Mick had been publicly cuckolded like this only once before, when Marianne Faithfull had bolted with Mario Schifano thirteen years earlier. In the celebrity-conscious eighties—and to a man pushing forty—the humiliation was infinitely worse. He instantly got on the phone to Jerry in L.A., saying he’d been stupid and selfish and begging for another chance. (Sangster later described overhearing him on an extension, crying “like a big baby.”) He persuaded her to come to Paris, where he was actually waiting to meet her at the airport.
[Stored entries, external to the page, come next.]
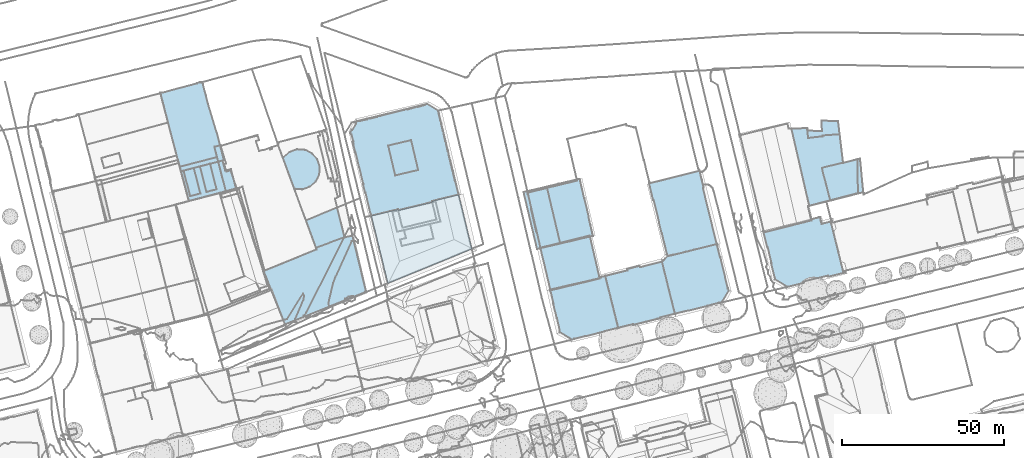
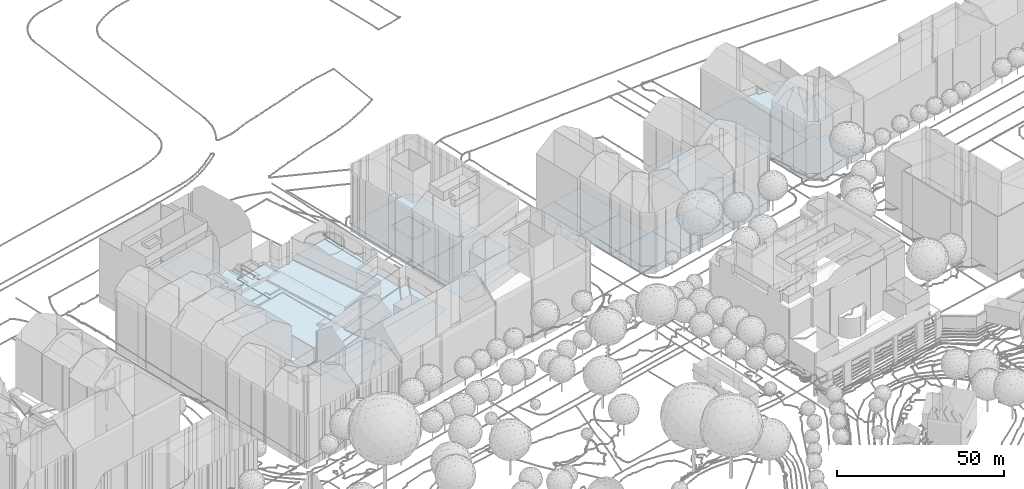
# Not in any storey, part 20 of 477: 14 footings.
"""IFC4 building model written with IfcOpenShell, lengths in metres."""

from ifc_helpers import new_model, si_unit, frame, origin_with_axes, place, context, subcontext, project, spatial, polygons, element, save


model = new_model("IFC4")

# Units and contexts
model_context = context("Model", 3, precision=1e-05, world=origin_with_axes())
body_context = subcontext(model_context, "Body", "Model", "MODEL_VIEW")
ifc_project = project(units=[si_unit("AREAUNIT", "SQUARE_METRE"), si_unit("LENGTHUNIT", "METRE")], contexts=[model_context])

# Sites, building
site_1_placement = place(None, origin_with_axes())
site_1 = spatial("IfcSite", under=ifc_project, at=site_1_placement, Name="Topoexport Site")
site_2_placement = place(site_1_placement, origin_with_axes())
site_2 = spatial("IfcSite", under=site_1, at=site_2_placement, Name="TPX_BUILDINGS")
building_1_placement = place(site_2_placement, frame((230.2577320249, 452.7801160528, 539.0125), z_axis=(0.0, 0.0, 1.0), x_axis=(1.0, 0.0, 0.0)))
building_1 = spatial("IfcBuilding", under=site_2, at=building_1_placement, Name="Building 197", CompositionType="ELEMENT")

# Footing
footing_1_placement = place(None, frame((230.2577320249, 452.7801160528, 539.0125), z_axis=(0.0, 0.0, 1.0), x_axis=(1.0, 0.0, 0.0)))
element("IfcFooting", 1, at=footing_1_placement, inside=building_1, Name="Floor 0", context=body_context, shape_type="Tessellation", body=[
    polygons([(33.3600000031, -19.259800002, 0.0), (27.5240000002, -20.6680000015, 0.0), (32.3320000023, -15.0274000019, 0.0), (31.0420000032, -9.7158000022, 0.0), (30.7380000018, -8.884800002, 0.0), (30.8360000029, -8.8672000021, 0.0), (30.2910000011, -6.6231000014, 0.0), (29.9910000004, -5.7754000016, 0.0), (30.0790000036, -5.7529000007, 0.0), (29.2390000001, -2.7109999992, 0.0), (29.3340000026, -2.688500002, 0.0), (29.5420000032, -3.5439999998, 0.0), (31.5860000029, -11.9561000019, 0.0), (31.7940000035, -12.8145000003, 0.0), (31.4900000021, -11.9824000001, 0.0), (32.2300000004, -15.0487999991, 0.0), (31.6970000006, -12.8408000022, 0.0), (25.1650000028, -21.2373000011, 0.0), (20.9200000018, -11.6895000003, 0.0), (30.200000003, -6.6464999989, 0.0), (30.9450000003, -9.751000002, 0.0), (18.75, -2.4805000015, 0.0), (29.4420000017, -3.5713, 0.0), (28.7950000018, -0.4677999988, 0.0), (28.4730000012, 0.4550999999, 0.0), (28.5660000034, 0.4765000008, 0.0), (28.7090000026, -0.4902000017, 0.0), (27.9520000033, 2.5918000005, 0.0), (28.0450000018, 2.6191000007, 0.0), (27.756000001, 3.4463, 0.0), (27.2200000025, 5.6796999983, 0.0), (27.074000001, 6.6162, 0.0), (27.2960000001, 5.6992000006, 0.0), (22.893000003, 8.3104999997, 0.0), (27.8370000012, 3.4765000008, 0.0), (23.6950000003, 8.6816000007, 0.0), (20.6920000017, 7.7694999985, 0.0), (17.5990000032, 7.0155999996, 0.0), (19.8400000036, 7.5683000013, 0.0), (20.6500000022, 7.9316000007, 0.0), (22.8540000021, 8.4745999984, 0.0), (19.8040000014, 7.7225999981, 0.0), (16.5780000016, 6.927699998, 0.0), (17.5710000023, 7.1728000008, 0.0), (25.2350000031, -21.5371000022, 0.0), (14.745000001, -24.0771999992, 0.0), (14.6650000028, -23.7774000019, 0.0), (12.2280000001, -24.3720999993, 0.0), (13.8490000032, -13.3555000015, 0.0), (6.3790000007, -25.7998000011, 0.0), (5.5080000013, -22.1737999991, 0.0), (4.6690000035, -18.6816999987, 0.0), (16.5880000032, 6.8554999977, 0.0), (11.6790000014, -4.1464999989, 0.0), (1.6220000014, -6.2890999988, 0.0), (0.9550000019, -2.9834000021, 0.0), (4.0050000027, -16.0331999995, 0.0), (5.1450000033, 3.932599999, 0.0), (4.563000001, -18.7061000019, 0.0), (3.9150000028, -16.066399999, 0.0), (0.8920000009, -3.7793000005, 0.0), (0.932, -3.7626999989, 0.0), (0.7440000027, -3.0401000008, 0.0), (1.5210000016, -6.313500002, 0.0), (8.2260000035, 4.682599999, 0.0), (9.126000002, 5.0029000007, 0.0), (5.9920000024, 4.1405999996, 0.0), (8.1790000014, 4.865199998, 0.0), (5.943, 4.3242000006, 0.0), (9.1020000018, 5.0918000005, 0.0), (5.0940000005, 4.1191000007, 0.0), (0.5960000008, 0.5975999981, 0.0), (0.0, 0.0, 0.0), (0.4340000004, 0.7080000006, 0.0), (1.7870000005, 2.5702999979, 0.0), (0.3900000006, -0.7080000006, 0.0), (0.193, -0.759800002, 0.0), (2.8790000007, 3.3896000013, 0.0), (2.0240000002, 3.378899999, 0.0), (2.8370000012, 3.5751999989, 0.0), (1.6120000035, 2.682599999, 0.0), (13.8490000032, -13.3555000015, 0.497), (18.75, -2.4805000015, 0.497), (20.9200000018, -11.6895000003, 0.497), (11.6790000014, -4.1464999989, 0.497)], [[[1, 2, 3]], [[4, 5, 6]], [[7, 8, 9]], [[10, 11, 12]], [[13, 14, 15]], [[16, 2, 17]], [[15, 14, 17]], [[18, 19, 2]], [[17, 19, 15]], [[3, 2, 16]], [[19, 17, 2]], [[20, 8, 7]], [[20, 19, 8]], [[21, 19, 5]], [[4, 21, 5]], [[22, 10, 23]], [[19, 20, 5]], [[15, 19, 21]], [[23, 10, 12]], [[8, 22, 23]], [[24, 25, 26]], [[24, 27, 25]], [[22, 28, 25]], [[29, 28, 30]], [[31, 32, 33]], [[31, 30, 34]], [[29, 30, 35]], [[32, 31, 36]], [[34, 30, 37]], [[22, 38, 39]], [[36, 31, 34]], [[22, 25, 27]], [[22, 39, 37]], [[22, 30, 28]], [[27, 10, 22]], [[37, 39, 40]], [[41, 36, 34]], [[39, 42, 40]], [[43, 44, 38]], [[30, 22, 37]], [[45, 46, 18]], [[18, 46, 47]], [[47, 48, 49]], [[48, 50, 51]], [[48, 51, 52]], [[19, 18, 47]], [[38, 22, 53]], [[22, 54, 53]], [[55, 56, 54]], [[19, 47, 49]], [[57, 49, 52]], [[57, 54, 49]], [[52, 49, 48]], [[54, 56, 58]], [[59, 60, 52]], [[52, 60, 57]], [[61, 62, 55]], [[63, 56, 62]], [[54, 57, 55]], [[55, 64, 61]], [[56, 55, 62]], [[54, 65, 66]], [[58, 67, 54]], [[65, 54, 67]], [[65, 68, 66]], [[53, 54, 66]], [[67, 58, 69]], [[38, 53, 43]], [[66, 68, 70]], [[71, 69, 58]], [[72, 73, 74]], [[75, 56, 72]], [[72, 76, 73]], [[76, 77, 73]], [[78, 79, 80]], [[78, 75, 79]], [[75, 81, 79]], [[75, 78, 56]], [[58, 56, 78]], [[72, 56, 76]], [[8, 19, 22]], [[82, 83, 84]], [[83, 82, 85]]]),
])

# Building
building_2_placement = place(site_2_placement, frame((236.6347320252, 426.9871160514, 538.7695), z_axis=(0.0, 0.0, 1.0), x_axis=(1.0, 0.0, 0.0)))
building_2 = spatial("IfcBuilding", under=site_2, at=building_2_placement, Name="Building 198", CompositionType="ELEMENT")

# Footing
footing_2_placement = place(None, frame((236.6347320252, 426.9871160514, 538.7695), z_axis=(0.0, 0.0, 1.0), x_axis=(1.0, 0.0, 0.0)))
element("IfcFooting", 2, at=footing_2_placement, inside=building_2, Name="Floor 0", context=body_context, shape_type="Tessellation", body=[
    polygons([(2.4130000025, -9.6649999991, 0.0), (22.5100000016, 5.4530999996, 0.0), (26.9830000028, 6.5331999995, 0.0), (18.8580000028, 4.2558999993, 0.0), (2.7730000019, -11.1132999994, 0.0), (31.0420000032, -10.177699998, 0.0), (18.7880000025, 4.5557000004, 0.0), (8.3680000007, 1.7158000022, 0.0), (1.1799999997, -4.5888999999, 0.0), (5.0970000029, 1.2393000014, 0.0), (8.2880000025, 2.0155999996, 0.0), (1.1440000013, -4.5946999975, 0.0), (0.1210000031, -0.2899999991, 0.0), (0.0, 0.0, 0.0), (0.0730000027, -0.3017999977, 0.0), (8.6070000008, -19.3710999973, 0.0), (4.256000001, -17.2236000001, 0.0), (3.8969999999, -15.7313999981, 0.0), (4.2070000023, -17.2196999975, 0.0), (3.8450000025, -15.7606999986, 0.0), (2.7330000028, -11.1210999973, 0.0), (2.376000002, -9.6816000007, 0.0), (5.1359999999, -20.7929999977, 0.0)], [[[1, 2, 3]], [[1, 4, 2]], [[5, 3, 6]], [[7, 2, 4]], [[8, 4, 9]], [[8, 10, 11]], [[8, 12, 10]], [[13, 10, 12]], [[14, 13, 15]], [[14, 10, 13]], [[8, 9, 12]], [[6, 16, 17]], [[18, 19, 20]], [[19, 18, 17]], [[18, 6, 17]], [[6, 18, 5]], [[1, 9, 4]], [[21, 1, 5]], [[1, 21, 22]], [[3, 5, 1]], [[23, 17, 16]]]),
])

# Building
building_3_placement = place(site_2_placement, frame((283.6617320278, 434.311316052, 538.7775), z_axis=(0.0, 0.0, 1.0), x_axis=(1.0, 0.0, 0.0)))
building_3 = spatial("IfcBuilding", under=site_2, at=building_3_placement, Name="Building 200", CompositionType="ELEMENT")

# Footings
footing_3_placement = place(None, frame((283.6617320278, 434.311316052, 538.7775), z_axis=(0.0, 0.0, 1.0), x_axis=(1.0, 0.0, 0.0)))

A few days later, they returned together to New York, where, after more mutually tearful scenes, Mick finally came up with the lyric she wanted to hear: “We’re going to get married, we’re going to have babies, and we’re going to be so happy.”
As the first woman to bring a major rock star to heel, never mind this particular one, Jerry became something of a heroine. She received many letters from other women, applauding her determination, and saw her stock with the British press rise even higher. A Daily Mail cartoon showed Mick departing on tour carrying a long, padlocked wooden crate that evidently contained his beloved. “I’ve promised Jerry I won’t mess around any more,” he was telling reporters, “and she’s not going to either.”